A propos de l’exposition L’atelier à l’instant, Le Grand Angle, Voiron

Tout est en suspens. Ce temps suspendu concerne aussi bien ce que représente de le dessin… que la façon dont le dessin est réalisé. Intrications d’éléments de mobilier, de rayonnages et de casiers, de machine-outils, de câbles électriques, de tuyauteries, de carton d’emballage et d’instrument de manutention (palettes, sangles, bâches, etc) : les mondes mise en scène par Virginie PIOTROWSKI relèvent des activités de stockages ou de rangement – des activités aussi de production, mais dont le produit serait indéterminé. Ce pourrait être des entrepôts, des réserves de musée, des ateliers d’artiste, etc. Des lieux, en tous les cas, dont toute présence humaine, à l’instant de la réalisation du dessin, est bannie.

Virginie Piotrowski « donne à voir » cette absence. Cette absence creuse l’espace du dessin. Elle le creuse d’autant plus, du reste, que l’artiste varie sa facture à l’intérieur d’une même œuvre : certaines zones relèvent du dessin abouti, travaillé jusqu’au léché, tandis que d’autres zones sont laissées en jachère : simple trait esquissé délimitant les contours de l’objet, mais sans aucune recherche de modelé. L’objet n’est indiqué, alors, que pour mémoire.

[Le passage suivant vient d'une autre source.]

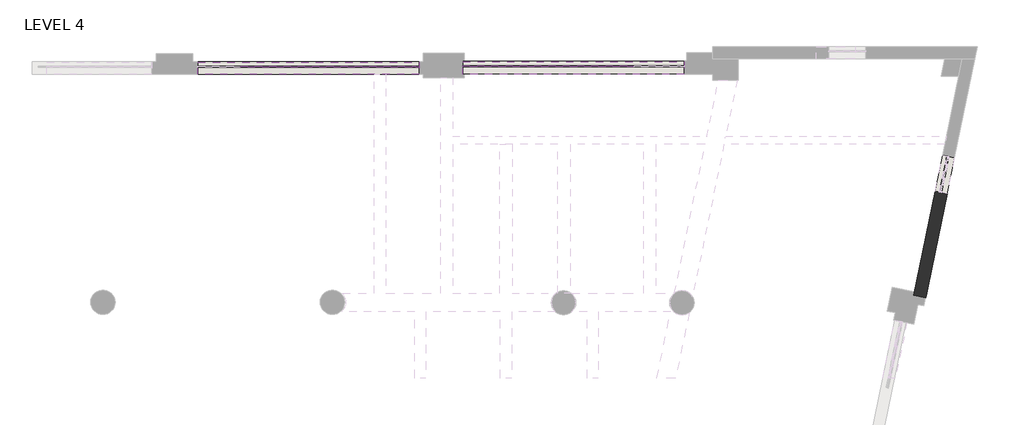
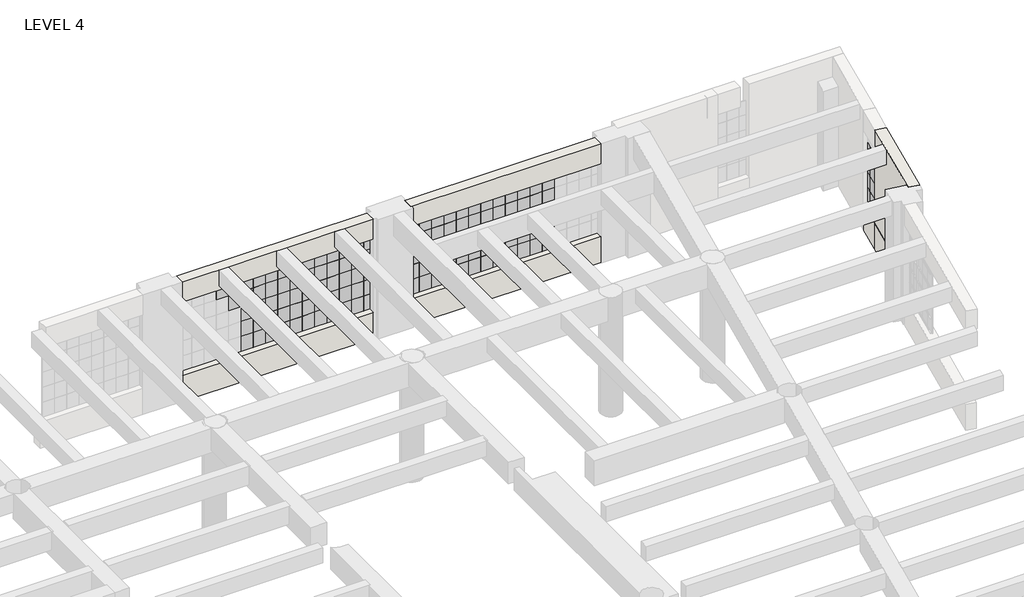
# One storey, part 24 of 26: 130 plates, 6 walls.
"""IFC4 building model written with IfcOpenShell, lengths in millimetres."""

from ifc_helpers import new_model, si_unit, frame, origin, origin_with_axes, place, context, project, spatial, polyline, outline, extrude, faceted_brep, transform, mapped, element, save
from components import system_panel_glazed_656c6057, system_panel_glazed_571c87ee, system_panel_glazed_44deb75c, system_panel_glazed_ace83418, system_panel_glazed_3772fe24

model = new_model("IFC4")

# Units and contexts
model_context = context("Model", 3, world=origin())
ifc_project = project(units=[si_unit("LENGTHUNIT", "METRE", prefix="MILLI")], contexts=[model_context])

# Site, building, storey
site = spatial("IfcSite", under=ifc_project)
building = spatial("IfcBuilding", under=site)
storey = spatial("IfcBuildingStorey", under=building, Name="LEVEL 4", Elevation=0.0)

# Plates
placement = place(None, origin())
system_panel_glazed_shape = system_panel_glazed_656c6057(model_context)
element("IfcPlate", 1, ObjectType="System Panel : Glazed", at=placement, inside=storey, context=model_context, shape_type="MappedRepresentation", body=[
    mapped(system_panel_glazed_shape, transform((11829.7290146, 117175.0421498, 800.1), x_axis=(1.0, 0.0, 0.0), y_axis=(0.0, 1.0, 0.0), z_axis=(0.0, 0.0, 1.0))),
])
element("IfcPlate", 2, ObjectType="System Panel : Glazed", at=placement, inside=storey, context=model_context, shape_type="MappedRepresentation", body=[
    mapped(system_panel_glazed_shape, transform((12185.3290147, 117175.0421498, 800.1), x_axis=(1.0, 0.0, 0.0), y_axis=(0.0, 1.0, 0.0), z_axis=(0.0, 0.0, 1.0))),
])
element("IfcPlate", 3, ObjectType="System Panel : Glazed", at=placement, inside=storey, context=model_context, shape_type="MappedRepresentation", body=[
    mapped(system_panel_glazed_shape, transform((12540.9290147, 117175.0421498, 800.1), x_axis=(1.0, 0.0, 0.0), y_axis=(0.0, 1.0, 0.0), z_axis=(0.0, 0.0, 1.0))),
])
element("IfcPlate", 4, ObjectType="System Panel : Glazed", at=placement, inside=storey, context=model_context, shape_type="MappedRepresentation", body=[
    mapped(system_panel_glazed_shape, transform((12896.5290147, 117175.0421498, 800.1), x_axis=(1.0, 0.0, 0.0), y_axis=(0.0, 1.0, 0.0), z_axis=(0.0, 0.0, 1.0))),
])
element("IfcPlate", 5, ObjectType="System Panel : Glazed", at=placement, inside=storey, context=model_context, shape_type="MappedRepresentation", body=[
    mapped(system_panel_glazed_shape, transform((23596.5298397, 114237.3310321, 800.1), x_axis=(0.2022212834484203, 0.979339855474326, 0.0), y_axis=(-0.979339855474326, 0.2022212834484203, 0.0), z_axis=(0.0, 0.0, 1.0))),
])
element("IfcPlate", 6, ObjectType="System Panel : Glazed", at=placement, inside=storey, context=model_context, shape_type="MappedRepresentation", body=[
    mapped(system_panel_glazed_shape, transform((23668.4397282, 114585.5842849, 800.1), x_axis=(0.2022212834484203, 0.979339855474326, 0.0), y_axis=(-0.979339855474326, 0.2022212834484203, 0.0), z_axis=(0.0, 0.0, 1.0))),
])
element("IfcPlate", 7, ObjectType="System Panel : Glazed", at=placement, inside=storey, context=model_context, shape_type="MappedRepresentation", body=[
    mapped(system_panel_glazed_shape, transform((7011.5027265, 117161.3480443, 800.1), x_axis=(1.0, 0.0, 0.0), y_axis=(0.0, 1.0, 0.0), z_axis=(0.0, 0.0, 1.0))),
])
element("IfcPlate", 8, ObjectType="System Panel : Glazed", at=placement, inside=storey, context=model_context, shape_type="MappedRepresentation", body=[
    mapped(system_panel_glazed_shape, transform((7367.1027265, 117161.3480443, 800.1), x_axis=(1.0, 0.0, 0.0), y_axis=(0.0, 1.0, 0.0), z_axis=(0.0, 0.0, 1.0))),
])
element("IfcPlate", 9, ObjectType="System Panel : Glazed", at=placement, inside=storey, context=model_context, shape_type="MappedRepresentation", body=[
    mapped(system_panel_glazed_shape, transform((7722.7027265, 117161.3480443, 800.1), x_axis=(1.0, 0.0, 0.0), y_axis=(0.0, 1.0, 0.0), z_axis=(0.0, 0.0, 1.0))),
])
element("IfcPlate", 10, ObjectType="System Panel : Glazed", at=placement, inside=storey, context=model_context, shape_type="MappedRepresentation", body=[
    mapped(system_panel_glazed_shape, transform((8078.3027265, 117161.3480443, 800.1), x_axis=(1.0, 0.0, 0.0), y_axis=(0.0, 1.0, 0.0), z_axis=(0.0, 0.0, 1.0))),
])
element("IfcPlate", 11, ObjectType="System Panel : Glazed", at=placement, inside=storey, context=model_context, shape_type="MappedRepresentation", body=[
    mapped(system_panel_glazed_shape, transform((8433.9027265, 117161.3480443, 800.1), x_axis=(1.0, 0.0, 0.0), y_axis=(0.0, 1.0, 0.0), z_axis=(0.0, 0.0, 1.0))),
])
element("IfcPlate", 12, ObjectType="System Panel : Glazed", at=placement, inside=storey, context=model_context, shape_type="MappedRepresentation", body=[
    mapped(system_panel_glazed_shape, transform((8789.5027265, 117161.3480443, 800.1), x_axis=(1.0, 0.0, 0.0), y_axis=(0.0, 1.0, 0.0), z_axis=(0.0, 0.0, 1.0))),
])
element("IfcPlate", 13, ObjectType="System Panel : Glazed", at=placement, inside=storey, context=model_context, shape_type="MappedRepresentation", body=[
    mapped(system_panel_glazed_shape, transform((9145.1027265, 117161.3480443, 800.1), x_axis=(1.0, 0.0, 0.0), y_axis=(0.0, 1.0, 0.0), z_axis=(0.0, 0.0, 1.0))),
])
element("IfcPlate", 14, ObjectType="System Panel : Glazed", at=placement, inside=storey, context=model_context, shape_type="MappedRepresentation", body=[
    mapped(system_panel_glazed_shape, transform((9500.7027265, 117161.3480443, 800.1), x_axis=(1.0, 0.0, 0.0), y_axis=(0.0, 1.0, 0.0), z_axis=(0.0, 0.0, 1.0))),
])
element("IfcPlate", 15, ObjectType="System Panel : Glazed", at=placement, inside=storey, context=model_context, shape_type="MappedRepresentation", body=[
    mapped(system_panel_glazed_shape, transform((7011.5027265, 117161.3480443, 1257.3), x_axis=(1.0, 0.0, 0.0), y_axis=(0.0, 1.0, 0.0), z_axis=(0.0, 0.0, 1.0))),
])
element("IfcPlate", 16, ObjectType="System Panel : Glazed", at=placement, inside=storey, context=model_context, shape_type="MappedRepresentation", body=[
    mapped(system_panel_glazed_shape, transform((7367.1027265, 117161.3480443, 1257.3), x_axis=(1.0, 0.0, 0.0), y_axis=(0.0, 1.0, 0.0), z_axis=(0.0, 0.0, 1.0))),
])
element("IfcPlate", 17, ObjectType="System Panel : Glazed", at=placement, inside=storey, context=model_context, shape_type="MappedRepresentation", body=[
    mapped(system_panel_glazed_shape, transform((7722.7027265, 117161.3480443, 1257.3), x_axis=(1.0, 0.0, 0.0), y_axis=(0.0, 1.0, 0.0), z_axis=(0.0, 0.0, 1.0))),
])
element("IfcPlate", 18, ObjectType="System Panel : Glazed", at=placement, inside=storey, context=model_context, shape_type="MappedRepresentation", body=[
    mapped(system_panel_glazed_shape, transform((8078.3027265, 117161.3480443, 1257.3), x_axis=(1.0, 0.0, 0.0), y_axis=(0.0, 1.0, 0.0), z_axis=(0.0, 0.0, 1.0))),
])
element("IfcPlate", 19, ObjectType="System Panel : Glazed", at=placement, inside=storey, context=model_context, shape_type="MappedRepresentation", body=[
    mapped(system_panel_glazed_shape, transform((8433.9027265, 117161.3480443, 1257.3), x_axis=(1.0, 0.0, 0.0), y_axis=(0.0, 1.0, 0.0), z_axis=(0.0, 0.0, 1.0))),
])
element("IfcPlate", 20, ObjectType="System Panel : Glazed", at=placement, inside=storey, context=model_context, shape_type="MappedRepresentation", body=[
    mapped(system_panel_glazed_shape, transform((8789.5027265, 117161.3480443, 1257.3), x_axis=(1.0, 0.0, 0.0), y_axis=(0.0, 1.0, 0.0), z_axis=(0.0, 0.0, 1.0))),
])
element("IfcPlate", 21, ObjectType="System Panel : Glazed", at=placement, inside=storey, context=model_context, shape_type="MappedRepresentation", body=[
    mapped(system_panel_glazed_shape, transform((9145.1027265, 117161.3480443, 1257.3), x_axis=(1.0, 0.0, 0.0), y_axis=(0.0, 1.0, 0.0), z_axis=(0.0, 0.0, 1.0))),
])
element("IfcPlate", 22, ObjectType="System Panel : Glazed", at=placement, inside=storey, context=model_context, shape_type="MappedRepresentation", body=[
    mapped(system_panel_glazed_shape, transform((9500.7027265, 117161.3480443, 1257.3), x_axis=(1.0, 0.0, 0.0), y_axis=(0.0, 1.0, 0.0), z_axis=(0.0, 0.0, 1.0))),
])
element("IfcPlate", 23, ObjectType="System Panel : Glazed", at=placement, inside=storey, context=model_context, shape_type="MappedRepresentation", body=[
    mapped(system_panel_glazed_shape, transform((7011.5027265, 117161.3480443, 1714.5), x_axis=(1.0, 0.0, 0.0), y_axis=(0.0, 1.0, 0.0), z_axis=(0.0, 0.0, 1.0))),
])
element("IfcPlate", 24, ObjectType="System Panel : Glazed", at=placement, inside=storey, context=model_context, shape_type="MappedRepresentation", body=[
    mapped(system_panel_glazed_shape, transform((7367.1027265, 117161.3480443, 1714.5), x_axis=(1.0, 0.0, 0.0), y_axis=(0.0, 1.0, 0.0), z_axis=(0.0, 0.0, 1.0))),
])
element("IfcPlate", 25, ObjectType="System Panel : Glazed", at=placement, inside=storey, context=model_context, shape_type="MappedRepresentation", body=[
    mapped(system_panel_glazed_shape, transform((7722.7027265, 117161.3480443, 1714.5), x_axis=(1.0, 0.0, 0.0), y_axis=(0.0, 1.0, 0.0), z_axis=(0.0, 0.0, 1.0))),
])
element("IfcPlate", 26, ObjectType="System Panel : Glazed", at=placement, inside=storey, context=model_context, shape_type="MappedRepresentation", body=[
    mapped(system_panel_glazed_shape, transform((8078.3027265, 117161.3480443, 1714.5), x_axis=(1.0, 0.0, 0.0), y_axis=(0.0, 1.0, 0.0), z_axis=(0.0, 0.0, 1.0))),
])
element("IfcPlate", 27, ObjectType="System Panel : Glazed", at=placement, inside=storey, context=model_context, shape_type="MappedRepresentation", body=[
    mapped(system_panel_glazed_shape, transform((8433.9027265, 117161.3480443, 1714.5), x_axis=(1.0, 0.0, 0.0), y_axis=(0.0, 1.0, 0.0), z_axis=(0.0, 0.0, 1.0))),
])
element("IfcPlate", 28, ObjectType="System Panel : Glazed", at=placement, inside=storey, context=model_context, shape_type="MappedRepresentation", body=[
    mapped(system_panel_glazed_shape, transform((8789.5027265, 117161.3480443, 1714.5), x_axis=(1.0, 0.0, 0.0), y_axis=(0.0, 1.0, 0.0), z_axis=(0.0, 0.0, 1.0))),
])
element("IfcPlate", 29, ObjectType="System Panel : Glazed", at=placement, inside=storey, context=model_context, shape_type="MappedRepresentation", body=[
    mapped(system_panel_glazed_shape, transform((9145.1027265, 117161.3480443, 1714.5), x_axis=(1.0, 0.0, 0.0), y_axis=(0.0, 1.0, 0.0), z_axis=(0.0, 0.0, 1.0))),
])
element("IfcPlate", 30, ObjectType="System Panel : Glazed", at=placement, inside=storey, context=model_context, shape_type="MappedRepresentation", body=[
    mapped(system_panel_glazed_shape, transform((9500.7027265, 117161.3480443, 1714.5), x_axis=(1.0, 0.0, 0.0), y_axis=(0.0, 1.0, 0.0), z_axis=(0.0, 0.0, 1.0))),
])
element("IfcPlate", 31, ObjectType="System Panel : Glazed", at=placement, inside=storey, context=model_context, shape_type="MappedRepresentation", body=[
    mapped(system_panel_glazed_shape, transform((6655.9027265, 117161.3480443, 2171.7), x_axis=(1.0, 0.0, 0.0), y_axis=(0.0, 1.0, 0.0), z_axis=(0.0, 0.0, 1.0))),
])
element("IfcPlate", 32, ObjectType="System Panel : Glazed", at=placement, inside=storey, context=model_context, shape_type="MappedRepresentation", body=[
    mapped(system_panel_glazed_shape, transform((7011.5027265, 117161.3480443, 2171.7), x_axis=(1.0, 0.0, 0.0), y_axis=(0.0, 1.0, 0.0), z_axis=(0.0, 0.0, 1.0))),
])
element("IfcPlate", 33, ObjectType="System Panel : Glazed", at=placement, inside=storey, context=model_context, shape_type="MappedRepresentation", body=[
    mapped(system_panel_glazed_shape, transform((7367.1027265, 117161.3480443, 2171.7), x_axis=(1.0, 0.0, 0.0), y_axis=(0.0, 1.0, 0.0), z_axis=(0.0, 0.0, 1.0))),
])
element("IfcPlate", 34, ObjectType="System Panel : Glazed", at=placement, inside=storey, context=model_context, shape_type="MappedRepresentation", body=[
    mapped(system_panel_glazed_shape, transform((7722.7027265, 117161.3480443, 2171.7), x_axis=(1.0, 0.0, 0.0), y_axis=(0.0, 1.0, 0.0), z_axis=(0.0, 0.0, 1.0))),
])
element("IfcPlate", 35, ObjectType="System Panel : Glazed", at=placement, inside=storey, context=model_context, shape_type="MappedRepresentation", body=[
    mapped(system_panel_glazed_shape, transform((8078.3027265, 117161.3480443, 2171.7), x_axis=(1.0, 0.0, 0.0), y_axis=(0.0, 1.0, 0.0), z_axis=(0.0, 0.0, 1.0))),
])
element("IfcPlate", 36, ObjectType="System Panel : Glazed", at=placement, inside=storey, context=model_context, shape_type="MappedRepresentation", body=[
    mapped(system_panel_glazed_shape, transform((8433.9027265, 117161.3480443, 2171.7), x_axis=(1.0, 0.0, 0.0), y_axis=(0.0, 1.0, 0.0), z_axis=(0.0, 0.0, 1.0))),
])
element("IfcPlate", 37, ObjectType="System Panel : Glazed", at=placement, inside=storey, context=model_context, shape_type="MappedRepresentation", body=[
    mapped(system_panel_glazed_shape, transform((8789.5027265, 117161.3480443, 2171.7), x_axis=(1.0, 0.0, 0.0), y_axis=(0.0, 1.0, 0.0), z_axis=(0.0, 0.0, 1.0))),
])
element("IfcPlate", 38, ObjectType="System Panel : Glazed", at=placement, inside=storey, context=model_context, shape_type="MappedRepresentation", body=[
    mapped(system_panel_glazed_shape, transform((9145.1027265, 117161.3480443, 2171.7), x_axis=(1.0, 0.0, 0.0), y_axis=(0.0, 1.0, 0.0), z_axis=(0.0, 0.0, 1.0))),
])
element("IfcPlate", 39, ObjectType="System Panel : Glazed", at=placement, inside=storey, context=model_context, shape_type="MappedRepresentation", body=[
    mapped(system_panel_glazed_shape, transform((9500.7027265, 117161.3480443, 2171.7), x_axis=(1.0, 0.0, 0.0), y_axis=(0.0, 1.0, 0.0), z_axis=(0.0, 0.0, 1.0))),
])
element("IfcPlate", 40, ObjectType="System Panel : Glazed", at=placement, inside=storey, context=model_context, shape_type="MappedRepresentation", body=[
    mapped(system_panel_glazed_shape, transform((13252.1290147, 117175.0421498, 800.1), x_axis=(1.0, 0.0, 0.0), y_axis=(0.0, 1.0, 0.0), z_axis=(0.0, 0.0, 1.0))),
])
element("IfcPlate", 41, ObjectType="System Panel : Glazed", at=placement, inside=storey, context=model_context, shape_type="MappedRepresentation", body=[
    mapped(system_panel_glazed_shape, transform((13607.7290147, 117175.0421498, 800.1), x_axis=(1.0, 0.0, 0.0), y_axis=(0.0, 1.0, 0.0), z_axis=(0.0, 0.0, 1.0))),
])
element("IfcPlate", 42, ObjectType="System Panel : Glazed", at=placement, inside=storey, context=model_context, shape_type="MappedRepresentation", body=[
    mapped(system_panel_glazed_shape, transform((13963.3290147, 117175.0421498, 800.1), x_axis=(1.0, 0.0, 0.0), y_axis=(0.0, 1.0, 0.0), z_axis=(0.0, 0.0, 1.0))),
])
element("IfcPlate", 43, ObjectType="System Panel : Glazed", at=placement, inside=storey, context=model_context, shape_type="MappedRepresentation", body=[
    mapped(system_panel_glazed_shape, transform((14318.9290147, 117175.0421498, 800.1), x_axis=(1.0, 0.0, 0.0), y_axis=(0.0, 1.0, 0.0), z_axis=(0.0, 0.0, 1.0))),
])
element("IfcPlate", 44, ObjectType="System Panel : Glazed", at=placement, inside=storey, context=model_context, shape_type="MappedRepresentation", body=[
    mapped(system_panel_glazed_shape, transform((14674.5290147, 117175.0421498, 800.1), x_axis=(1.0, 0.0, 0.0), y_axis=(0.0, 1.0, 0.0), z_axis=(0.0, 0.0, 1.0))),
])
element("IfcPlate", 45, ObjectType="System Panel : Glazed", at=placement, inside=storey, context=model_context, shape_type="MappedRepresentation", body=[
    mapped(system_panel_glazed_shape, transform((15030.1290147, 117175.0421498, 800.1), x_axis=(1.0, 0.0, 0.0), y_axis=(0.0, 1.0, 0.0), z_axis=(0.0, 0.0, 1.0))),
])
element("IfcPlate", 46, ObjectType="System Panel : Glazed", at=placement, inside=storey, context=model_context, shape_type="MappedRepresentation", body=[
    mapped(system_panel_glazed_shape, transform((15385.7290147, 117175.0421498, 800.1), x_axis=(1.0, 0.0, 0.0), y_axis=(0.0, 1.0, 0.0), z_axis=(0.0, 0.0, 1.0))),
])
element("IfcPlate", 47, ObjectType="System Panel : Glazed", at=placement, inside=storey, context=model_context, shape_type="MappedRepresentation", body=[
    mapped(system_panel_glazed_shape, transform((15741.3290147, 117175.0421498, 800.1), x_axis=(1.0, 0.0, 0.0), y_axis=(0.0, 1.0, 0.0), z_axis=(0.0, 0.0, 1.0))),
])
element("IfcPlate", 48, ObjectType="System Panel : Glazed", at=placement, inside=storey, context=model_context, shape_type="MappedRepresentation", body=[
    mapped(system_panel_glazed_shape, transform((11829.7290146, 117175.0421498, 1257.3), x_axis=(1.0, 0.0, 0.0), y_axis=(0.0, 1.0, 0.0), z_axis=(0.0, 0.0, 1.0))),
])
element("IfcPlate", 49, ObjectType="System Panel : Glazed", at=placement, inside=storey, context=model_context, shape_type="MappedRepresentation", body=[
    mapped(system_panel_glazed_shape, transform((12185.3290147, 117175.0421498, 1257.3), x_axis=(1.0, 0.0, 0.0), y_axis=(0.0, 1.0, 0.0), z_axis=(0.0, 0.0, 1.0))),
])
element("IfcPlate", 50, ObjectType="System Panel : Glazed", at=placement, inside=storey, context=model_context, shape_type="MappedRepresentation", body=[
    mapped(system_panel_glazed_shape, transform((12540.9290147, 117175.0421498, 1257.3), x_axis=(1.0, 0.0, 0.0), y_axis=(0.0, 1.0, 0.0), z_axis=(0.0, 0.0, 1.0))),
])
element("IfcPlate", 51, ObjectType="System Panel : Glazed", at=placement, inside=storey, context=model_context, shape_type="MappedRepresentation", body=[
    mapped(system_panel_glazed_shape, transform((12896.5290147, 117175.0421498, 1257.3), x_axis=(1.0, 0.0, 0.0), y_axis=(0.0, 1.0, 0.0), z_axis=(0.0, 0.0, 1.0))),
])
element("IfcPlate", 52, ObjectType="System Panel : Glazed", at=placement, inside=storey, context=model_context, shape_type="MappedRepresentation", body=[
    mapped(system_panel_glazed_shape, transform((13252.1290147, 117175.0421498, 1257.3), x_axis=(1.0, 0.0, 0.0), y_axis=(0.0, 1.0, 0.0), z_axis=(0.0, 0.0, 1.0))),
])
element("IfcPlate", 53, ObjectType="System Panel : Glazed", at=placement, inside=storey, context=model_context, shape_type="MappedRepresentation", body=[
    mapped(system_panel_glazed_shape, transform((13607.7290147, 117175.0421498, 1257.3), x_axis=(1.0, 0.0, 0.0), y_axis=(0.0, 1.0, 0.0), z_axis=(0.0, 0.0, 1.0))),
])
element("IfcPlate", 54, ObjectType="System Panel : Glazed", at=placement, inside=storey, context=model_context, shape_type="MappedRepresentation", body=[
    mapped(system_panel_glazed_shape, transform((13963.3290147, 117175.0421498, 1257.3), x_axis=(1.0, 0.0, 0.0), y_axis=(0.0, 1.0, 0.0), z_axis=(0.0, 0.0, 1.0))),
])
element("IfcPlate", 55, ObjectType="System Panel : Glazed", at=placement, inside=storey, context=model_context, shape_type="MappedRepresentation", body=[
    mapped(system_panel_glazed_shape, transform((14318.9290147, 117175.0421498, 1257.3), x_axis=(1.0, 0.0, 0.0), y_axis=(0.0, 1.0, 0.0), z_axis=(0.0, 0.0, 1.0))),
])
element("IfcPlate", 56, ObjectType="System Panel : Glazed", at=placement, inside=storey, context=model_context, shape_type="MappedRepresentation", body=[
    mapped(system_panel_glazed_shape, transform((14674.5290147, 117175.0421498, 1257.3), x_axis=(1.0, 0.0, 0.0), y_axis=(0.0, 1.0, 0.0), z_axis=(0.0, 0.0, 1.0))),
])
element("IfcPlate", 57, ObjectType="System Panel : Glazed", at=placement, inside=storey, context=model_context, shape_type="MappedRepresentation", body=[
    mapped(system_panel_glazed_shape, transform((15030.1290147, 117175.0421498, 1257.3), x_axis=(1.0, 0.0, 0.0), y_axis=(0.0, 1.0, 0.0), z_axis=(0.0, 0.0, 1.0))),
])
element("IfcPlate", 58, ObjectType="System Panel : Glazed", at=placement, inside=storey, context=model_context, shape_type="MappedRepresentation", body=[
    mapped(system_panel_glazed_shape, transform((15385.7290147, 117175.0421498, 1257.3), x_axis=(1.0, 0.0, 0.0), y_axis=(0.0, 1.0, 0.0), z_axis=(0.0, 0.0, 1.0))),
])
element("IfcPlate", 59, ObjectType="System Panel : Glazed", at=placement, inside=storey, context=model_context, shape_type="MappedRepresentation", body=[
    mapped(system_panel_glazed_shape, transform((15741.3290147, 117175.0421498, 1257.3), x_axis=(1.0, 0.0, 0.0), y_axis=(0.0, 1.0, 0.0), z_axis=(0.0, 0.0, 1.0))),
])
element("IfcPlate", 60, ObjectType="System Panel : Glazed", at=placement, inside=storey, context=model_context, shape_type="MappedRepresentation", body=[
    mapped(system_panel_glazed_shape, transform((11829.7290146, 117175.0421498, 1714.5), x_axis=(1.0, 0.0, 0.0), y_axis=(0.0, 1.0, 0.0), z_axis=(0.0, 0.0, 1.0))),
])
element("IfcPlate", 61, ObjectType="System Panel : Glazed", at=placement, inside=storey, context=model_context, shape_type="MappedRepresentation", body=[
    mapped(system_panel_glazed_shape, transform((12185.3290147, 117175.0421498, 1714.5), x_axis=(1.0, 0.0, 0.0), y_axis=(0.0, 1.0, 0.0), z_axis=(0.0, 0.0, 1.0))),
])
element("IfcPlate", 62, ObjectType="System Panel : Glazed", at=placement, inside=storey, context=model_context, shape_type="MappedRepresentation", body=[
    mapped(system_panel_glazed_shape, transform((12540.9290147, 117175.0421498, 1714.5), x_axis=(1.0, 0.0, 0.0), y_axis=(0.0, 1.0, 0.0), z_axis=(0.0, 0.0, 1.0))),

Il n’est pas encore un objet distinct, mais une idée presque abstraite de l’objet.

Ce contraste provoque des ruptures au sein du dessin : il semble interrompre l’exécution de l’oeuvre, tout comme la scène figurée semble avoir été interrompue pour les besoins de l’exécution de ladite œuvre. Il y a une parfaite adéquation entre la forme et le fond, le contenu et le contenant. D’autant que Virginie Piotrowski parsème ses dessins d’éléments incongrus : fines baguettes noires à la présence inexplicable, coulures délibérées de couleurs, taches noires exécutés au pastel gras, enroulements de câbles tournant au gribouillage, etc. Chacun de ces gestes picturaux ou graphiques ouvre une brèche dans l’illusionnisme du dessin. Il renvoie le dessin à ce qu’il est vraiment : un ensemble de lignes et de taches disposées sur une feuille de papier. Et il nous rappelle que, des siècles durant, le dessin fut (y compris étymologiquement) un dessein d’artiste laissé à l’état de projet. Donc, une œuvre en suspens.